What is being asked:
Copy out each line below containing "sheet".

Dataset content below:

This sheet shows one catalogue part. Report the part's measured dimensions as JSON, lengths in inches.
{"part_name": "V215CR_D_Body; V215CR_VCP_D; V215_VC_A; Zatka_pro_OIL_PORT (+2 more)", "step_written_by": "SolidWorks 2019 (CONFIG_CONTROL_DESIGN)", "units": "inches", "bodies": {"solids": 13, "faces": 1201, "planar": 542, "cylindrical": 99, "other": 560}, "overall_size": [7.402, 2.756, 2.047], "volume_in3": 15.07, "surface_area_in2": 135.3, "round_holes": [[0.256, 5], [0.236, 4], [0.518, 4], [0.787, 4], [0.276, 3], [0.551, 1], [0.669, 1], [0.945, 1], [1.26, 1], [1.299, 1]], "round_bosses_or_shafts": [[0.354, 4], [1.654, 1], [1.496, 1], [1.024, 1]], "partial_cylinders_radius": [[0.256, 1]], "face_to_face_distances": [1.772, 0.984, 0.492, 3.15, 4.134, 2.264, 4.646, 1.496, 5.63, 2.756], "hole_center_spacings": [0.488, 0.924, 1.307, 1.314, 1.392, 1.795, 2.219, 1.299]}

End of Dataset content.
Dataset content below:

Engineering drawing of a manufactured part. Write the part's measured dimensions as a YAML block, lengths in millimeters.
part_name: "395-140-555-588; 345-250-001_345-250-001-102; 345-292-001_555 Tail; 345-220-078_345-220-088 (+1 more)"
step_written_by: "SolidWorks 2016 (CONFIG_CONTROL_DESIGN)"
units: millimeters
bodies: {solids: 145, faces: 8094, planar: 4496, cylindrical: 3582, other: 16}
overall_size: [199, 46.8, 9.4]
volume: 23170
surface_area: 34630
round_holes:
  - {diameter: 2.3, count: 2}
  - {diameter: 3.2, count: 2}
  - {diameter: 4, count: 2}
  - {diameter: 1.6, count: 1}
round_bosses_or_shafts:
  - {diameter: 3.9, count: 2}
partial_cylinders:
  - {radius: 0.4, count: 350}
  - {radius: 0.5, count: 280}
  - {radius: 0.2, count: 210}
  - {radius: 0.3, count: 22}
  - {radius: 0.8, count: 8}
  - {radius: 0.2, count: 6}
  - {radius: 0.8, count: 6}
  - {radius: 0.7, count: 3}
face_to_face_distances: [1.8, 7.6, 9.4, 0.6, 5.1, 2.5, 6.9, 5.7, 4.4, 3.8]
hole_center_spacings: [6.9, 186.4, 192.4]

End of Dataset content.
Dataset content below:

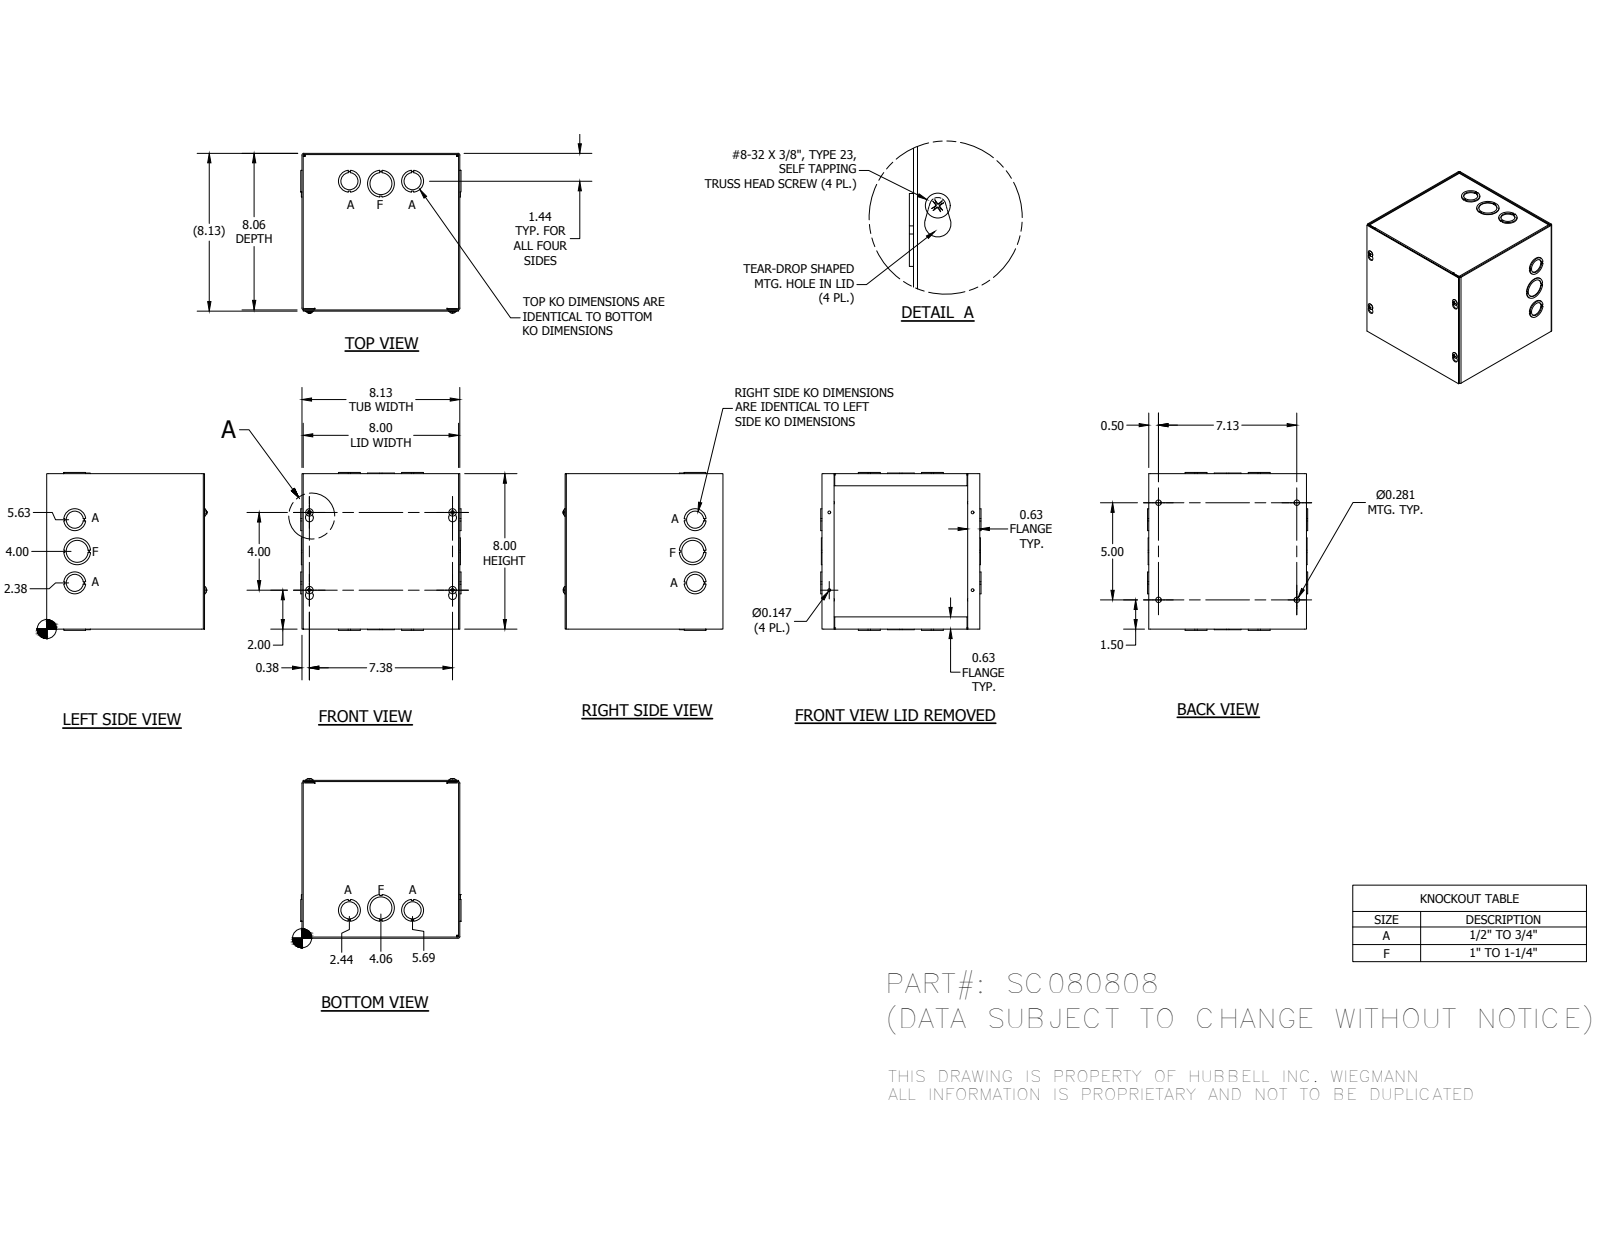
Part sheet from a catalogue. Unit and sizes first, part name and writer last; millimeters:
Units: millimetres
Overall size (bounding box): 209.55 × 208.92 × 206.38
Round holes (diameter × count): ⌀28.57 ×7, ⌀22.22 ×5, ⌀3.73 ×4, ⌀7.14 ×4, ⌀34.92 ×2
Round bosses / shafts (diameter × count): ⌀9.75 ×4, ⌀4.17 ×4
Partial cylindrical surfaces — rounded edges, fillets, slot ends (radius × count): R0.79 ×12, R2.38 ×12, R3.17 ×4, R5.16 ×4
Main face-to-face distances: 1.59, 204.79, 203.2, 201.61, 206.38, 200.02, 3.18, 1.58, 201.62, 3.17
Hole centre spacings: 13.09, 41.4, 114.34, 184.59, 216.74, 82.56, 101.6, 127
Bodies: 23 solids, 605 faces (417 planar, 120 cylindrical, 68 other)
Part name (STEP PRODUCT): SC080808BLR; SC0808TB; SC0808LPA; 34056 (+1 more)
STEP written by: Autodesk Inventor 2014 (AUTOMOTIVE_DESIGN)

End of Dataset content.

Result of this task:
This sheet shows one catalogue part. Report the part's measured dimensions as JSON, lengths in inches.
Part sheet from a catalogue. Unit and sizes first, part name and writer last; millimeters:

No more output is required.